Katie’s first client, David Bannatyne is a former pilot whose main criterion for a match is someone who will cook for him. When she has been through all the files and found no likely match, she asks William’s opinion, and his laterally-thought-out idea certainly holds potential. Appealing characters, a cute twist and the prospect of further encounters with this cast promise a delightful new series.
A Laborer In The Vineyard Of Love is the second Vintage short in The Perfect Passion Company series by British author, Alexander McCall Smith. Katie’s latest challenge, at Scotland’s only non-virtual introduction agency, apart from settling for no more than friendship with her talented and attractive-but-engaged business neighbour, William, is to find the right woman for George Fane.
It’s a challenge because George describes his mother as over-possessive, having already seen off one prospective partner, and three of his twin sister’s boyfriends. They both work in the family’s boutique hotel, and Margaret Fane is reputedly manipulative, expert at guilt-tripping her offspring about their responsibilities to the hotel. But when Katie peruses her cousin Ness’s meticulous client records, she finds a woman who might just fit the bill.
Then George’s sister Angela makes a request of the Perfect Passion Company that is tangential to George’s, but may present another solution. More of a surprise is when Margaret Fane comes into the agency with a request of her own.

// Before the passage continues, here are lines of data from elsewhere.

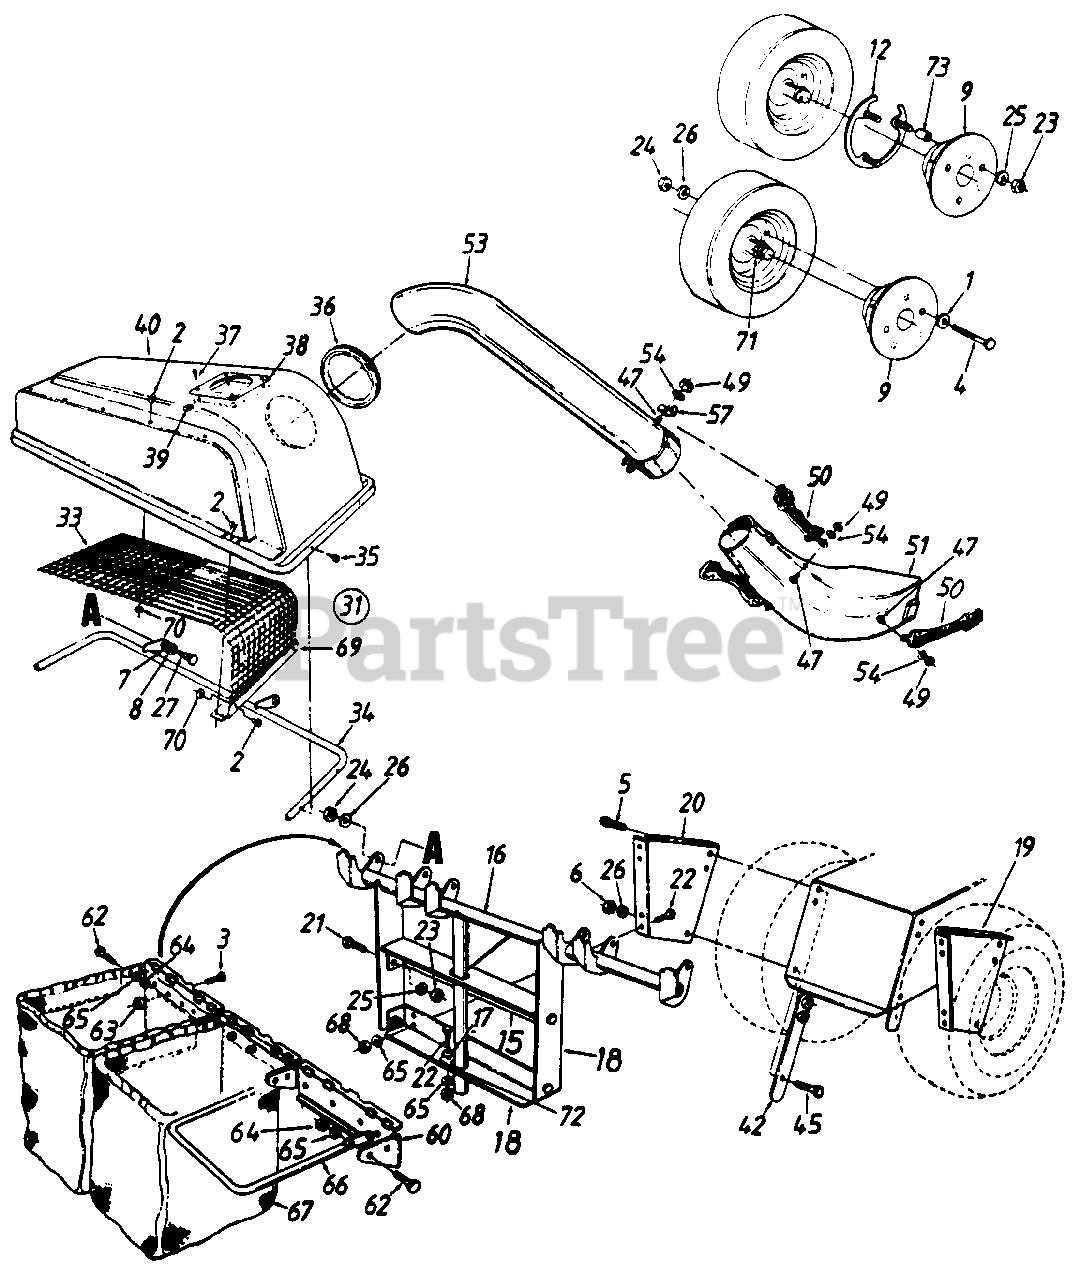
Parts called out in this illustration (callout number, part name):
1	Fl-Wash. .385" I.D.
2	Pop Rivet
3	Truss Mach. Scr. #10-24 x .38" Lg.
4	Hex Bolt 3/8-16 x 4.5" Lg.
5	Hex Wash. Hd. Tap Scr. 5/16 18 x .62"
6	Hex Nut 3/8 24 Thd.
7	Bell Wash . . 515" I.D.
8	FI Wash. .510" I.D.
9	Wheel Weight
12	Wheel Weight Snap Ring
15	Catcher Support Tube Mtg. Brkt.
18	Catcher Latch and Support Brkt.
22	Hex Bolt 1/4-20 x .62" Lg.* Grade 5
23	Hex Nut 5/16-18 Thd.
24	Hex Nut 3/8-6 Thd.
25	L-Wash. 5/16" I.D.
26	L-Wash. 3/8" I.D.
27	Shld. Bolt 3/8-16 x .500" Dia.
31	Grass Catcher Cover Ass'y. Comp.
33	Screen
36	Tube Seal
37	Truss Mach. B-Tap Scr. #10 x.51" Lg.
38	Plastic Plate
39	Speed Nut
40	Grass Catcher Cover
47	Hex Bolt 1/4-20 x .50" Lg.
49	Hex Ins. L Nut 1/20 Thd.
50	Retainer Strap Ass'y.
51	Discharge Chute
53	Catcher Elbow Tube
54	L-Wash. .270" I.D. x 57" O.D.
57	Retainer Hook Brkt.
62	Hex Bolt 1/ 28 x .75" Lg.
63	Hex Sems Nut #10-24 Thd.
64	Hex Nut 1/4-28 Thd.
65	L-Wash. l/4" I.D.
66	Catcher Bag Frame
67	Grass Catcher Bag
68	Hex Nut 1/4-20 Thd.
71	Foam Strip 1-1/8" x 1 1/2" x 3/8"
73	Spacer

Meanwhile, Katie’s cousin Ness is settling into her new life in the small Toronto town of Murdoch, getting involved with the local community. “This was a world that was quite different from the one which she had inhabited in Edinburgh. These people lived in a small town, deep in the country, a long distance from the city; Cities were populated by strangers, whereas a small town was full of people whom you recognised, whose personal history you would know or would soon have explained to you, whose faults and failings and dreams and triumphs would be only too familiar to others.” They find out she’s a matchmaker, and flock to her for advice.
This instalment has an estranged father, a nude in a kitchen, a Burns dinner, fishing in small boats, the purchase of an old car, lots of knitting, and several people whose honesty is in question. Katie is satisfied with the unexpected outcome as long as she has contributed to the overall happiness of humanity. Full of gentle philosophy and humour, McCall Smith knows how to entertain.

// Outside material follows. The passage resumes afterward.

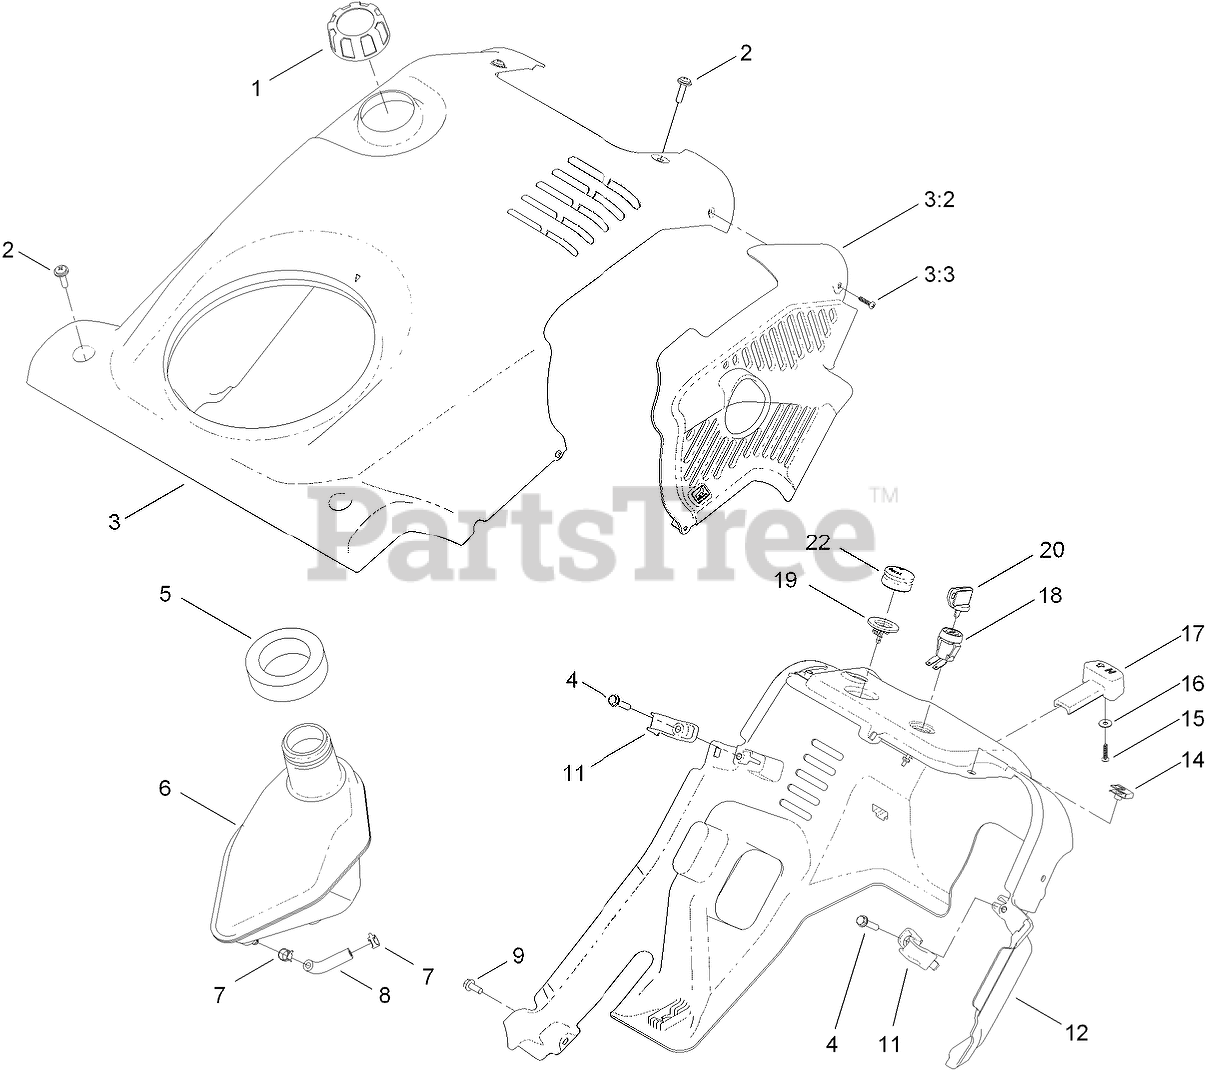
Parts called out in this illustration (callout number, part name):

The Girl From Melbourne is the third short story in The Perfect Passion Company series by British author, Alexander McCall Smith. Clients might be encountered anywhere, and Jenny approaches Katie Donald of the Perfect Passion Company in her favourite Edinburgh deli, having a coffee. When Katie and William interview Jenny at the office, they realise she’s going to be a challenge to match.
Meanwhile, the fact that she must settle for nothing more than friendship with her talented and attractive business neighbour, William Kidd, is emphasised when he reveals that his fiancée, Alice will be visiting from Melbourne. Katie is determined to be friendly and welcoming, but Alice is a surprise: a very unpleasant one.

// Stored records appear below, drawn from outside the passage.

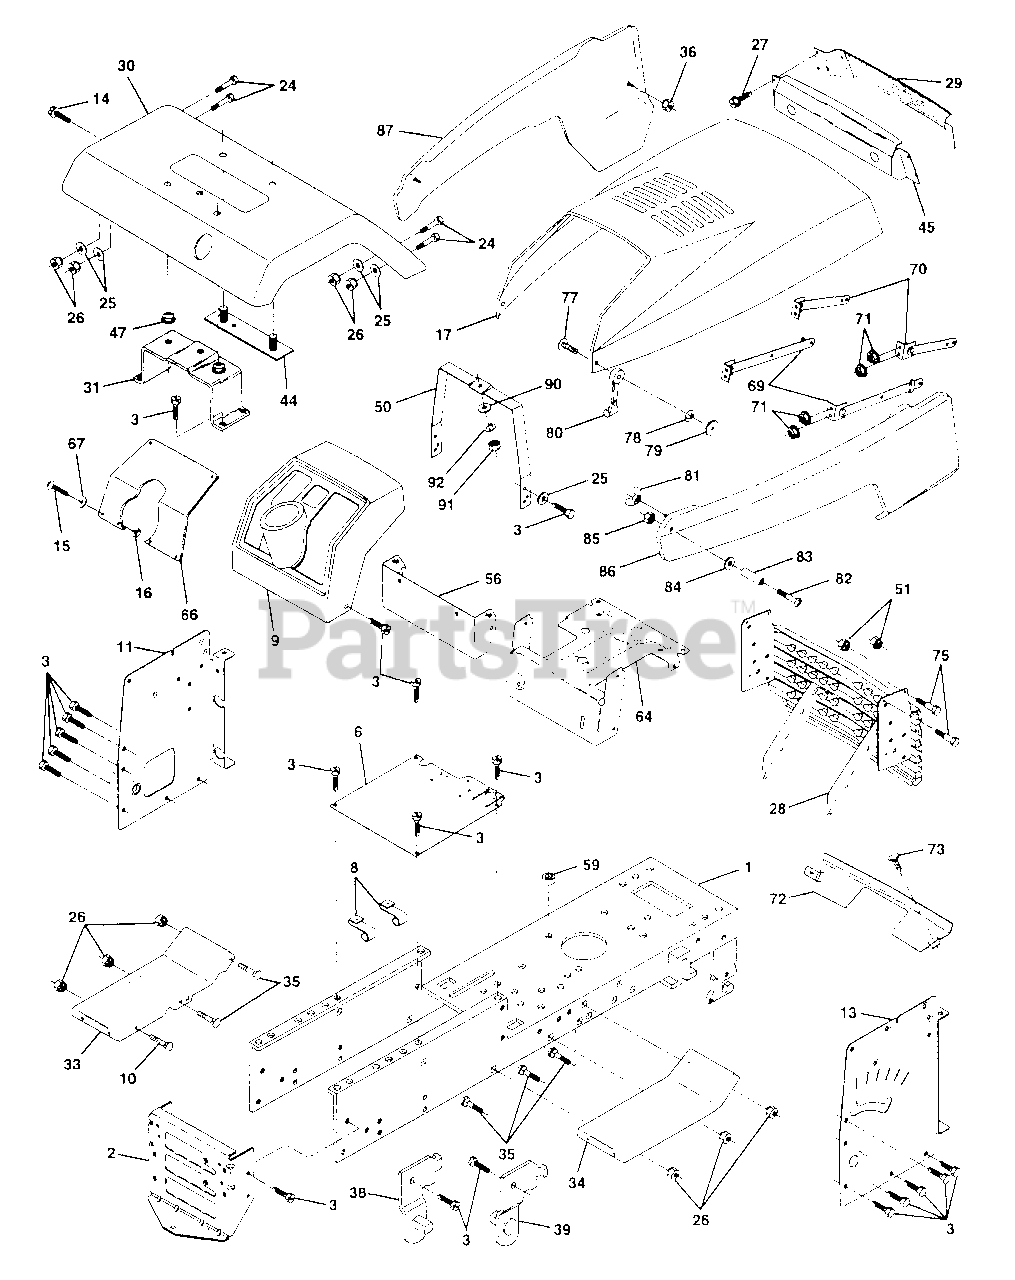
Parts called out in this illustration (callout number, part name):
1	Chassis Weldment 11 Ga
2	Drawbar Stretch
3	Screw Thdrol 3/8 - 16 x 3/4 Ty-TT
8	Clip Insulator
9	Dash Black Yard Pro
10	Bolt Carriage 3/8-16 Unc x 1
11	Panel Pnt Dash Lh
13	Panel Pnt Dash Rh
14	Screw Thdrol 3/8 - 16 x Ty-TT
15	Screw Mach Trhd 5/16 - 18 UNC x 3/4
16	Nut Keps 5/16 - 18 UNC
24	Bolt Fin Hex 3/8 - 16 Unc x 1
25	Washer 13/32 x 13/16 x 12 Ga
26	Nut Lock 3/8 - 16 Unc
27	Screw Lock Spider #8 x 7/8
29	Lens/Clip Asm Bar Clear
31	Bracket Pnt Fender
33	Footrest Pnt Lh
34	Footrest Pnt Th
35	Bolt Rdhd Sht Sqnk 3/8 - 16 x 3/4
36	Nut Pal
38	Bracket Asm Pivot Lh
44	Strap Asm. Fender
45	Bezel Asm. Pnt
47	Nut Push Nylon
50	Support Pnt Dash
51	Nut Lock, W/Insert 1/4 - 20 UNC
56	Dash Extension
59	Bushing Snap Split
64	Dash Pnt Lower
66	Plate Silkscreened Dash
67	Washer 11/32 x 11/16 x 16 Ga
69	Strap Asm Pnt Hinge Rear (blk)
70	Strap Asm Pnt Hinge Front
71	Nut Keps Hex 1/4 - 20 UNC
73	Screw Taptite 1/4-20 x 1/2
75	Bolt, Shoulder 1/4 - 20 UNC
77	Screw Mach Cr Pan #10-24 x 1/2
78	Washer Lock #10
79	Nut Weld .327/.304 #10 - 24
80	Latch Chute Blk
81	Nut Plastic Locking Wng 1/4 - 20
82	Screw Mach Cr Pan #10 - 24 x 1-1/4
83	Spacer Split #10 x 3/4 Cad/Zin
84	Washer 7/32 x 1/2 x 18 Ga
85	Nut Keps #10 - 24 Unc
86	Panel Pnt Rh Side
87	Panel Pnt Lh Side
90	Washer 9/32 x 3/4 x 16 Ga
91	Nut Fin Hex 1/4 - 20 Unc
92	Washer Lock Hvy. Helical 1/4

While William is away on a trade fair weekend, Katie makes a shocking discovery about his fiancée. She wonders why Alice continues to string William along, until she remembers the financial assistance William’s family trust is providing for her. Now, the dilemma is whether to try to protect William from this gold digger by revealing what she knows…
Katie is chuffed to eventually be able to match overly chatty Jenny with a suitable man. Over in Toronto, Ness finds she has two admirers who seem to be competing for her attentions, so some firm diplomacy is required. Her advice to Katie about Alice is sound and, ultimately, William’s innate kindness circumvents a deserved comeuppance, but at least she is permanently off the scene. As usual, there’s plenty of gentle philosophy and humour in everything McCall Smith offers his readers.